### [Exercise prompt]
Within the entries below, find the portion that opens with the line containing "#1809=DIRECTION('',(0.,1.,0.));" and closes with the line containing "#2211=CARTESIAN_POINT('',(-309.604,65.,221.25));". Retype that portion exactly and only.

══ Data excerpts

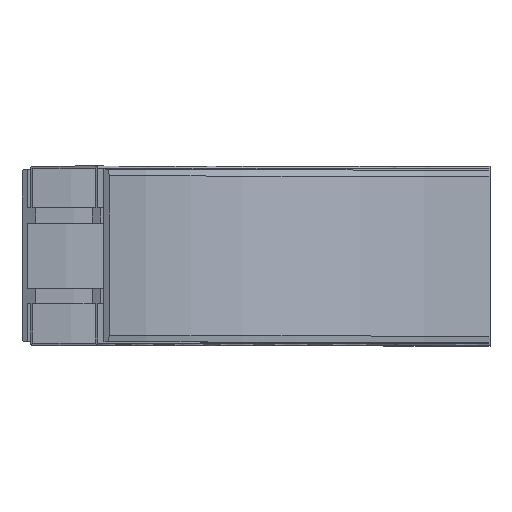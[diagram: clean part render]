
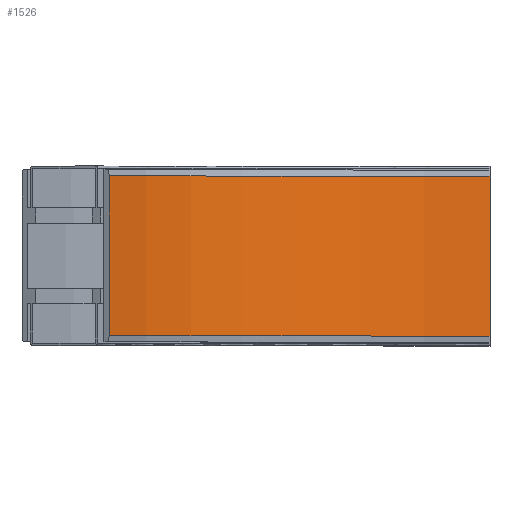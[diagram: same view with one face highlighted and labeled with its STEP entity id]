
A CAD part, top view. The second image highlights one B-rep face of the part: STEP entity #1526.
In plain terms, the highlighted cylindrical face has radius 357.5 mm (diameter 715 mm), a partial arc.
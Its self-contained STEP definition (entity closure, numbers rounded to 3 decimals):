
#80=CYLINDRICAL_SURFACE('',#1643,357.5);
#149=FACE_OUTER_BOUND('',#236,.T.);
#236=EDGE_LOOP('',(#1052,#1053,#1054,#1055));
#323=CIRCLE('',#1633,357.5);
#328=CIRCLE('',#1642,357.5);
#400=LINE('',#2215,#526);
#401=LINE('',#2216,#527);
#526=VECTOR('',#1808,10.);
#527=VECTOR('',#1809,10.);
#643=VERTEX_POINT('',#2183);
#644=VERTEX_POINT('',#2185);
#652=VERTEX_POINT('',#2209);
#653=VERTEX_POINT('',#2211);
#799=EDGE_CURVE('',#643,#644,#323,.T.);
#813=EDGE_CURVE('',#652,#653,#328,.T.);
#814=EDGE_CURVE('',#643,#652,#400,.T.);
#815=EDGE_CURVE('',#644,#653,#401,.T.);
#1052=ORIENTED_EDGE('',*,*,#814,.T.);
#1053=ORIENTED_EDGE('',*,*,#813,.T.);
#1054=ORIENTED_EDGE('',*,*,#815,.F.);
#1055=ORIENTED_EDGE('',*,*,#799,.F.);
#1526=ADVANCED_FACE('',(#149),#80,.F.);
#1633=AXIS2_PLACEMENT_3D('',#2186,#1777,#1778);
#1642=AXIS2_PLACEMENT_3D('',#2213,#1804,#1805);
#1643=AXIS2_PLACEMENT_3D('',#2214,#1806,#1807);
#1777=DIRECTION('center_axis',(0.,1.,0.));
#1778=DIRECTION('ref_axis',(0.,0.,-1.));
#1804=DIRECTION('center_axis',(0.,1.,0.));
#1805=DIRECTION('ref_axis',(0.,0.,-1.));
#1806=DIRECTION('center_axis',(0.,1.,0.));
#1807=DIRECTION('ref_axis',(0.,0.,-1.));
#1808=DIRECTION('',(0.,1.,0.));
#1809=DIRECTION('',(0.,1.,0.));
#2183=CARTESIAN_POINT('',(0.,-65.,42.5));
#2185=CARTESIAN_POINT('',(-309.604,-65.,221.25));
#2186=CARTESIAN_POINT('Origin',(0.,-65.,
400.));
#2209=CARTESIAN_POINT('',(0.,65.,42.5));
#2211=CARTESIAN_POINT('',(-309.604,65.,221.25));
#2213=CARTESIAN_POINT('Origin',(0.,65.,
400.));
#2214=CARTESIAN_POINT('Origin',(0.,0.,400.));
#2215=CARTESIAN_POINT('',(0.,-65.,42.5));
#2216=CARTESIAN_POINT('',(-309.604,-65.,221.25));

════

### [Output of the exercise]
#1809=DIRECTION('',(0.,1.,0.));
#2183=CARTESIAN_POINT('',(0.,-65.,42.5));
#2185=CARTESIAN_POINT('',(-309.604,-65.,221.25));
#2186=CARTESIAN_POINT('Origin',(0.,-65.,
400.));
#2209=CARTESIAN_POINT('',(0.,65.,42.5));
#2211=CARTESIAN_POINT('',(-309.604,65.,221.25));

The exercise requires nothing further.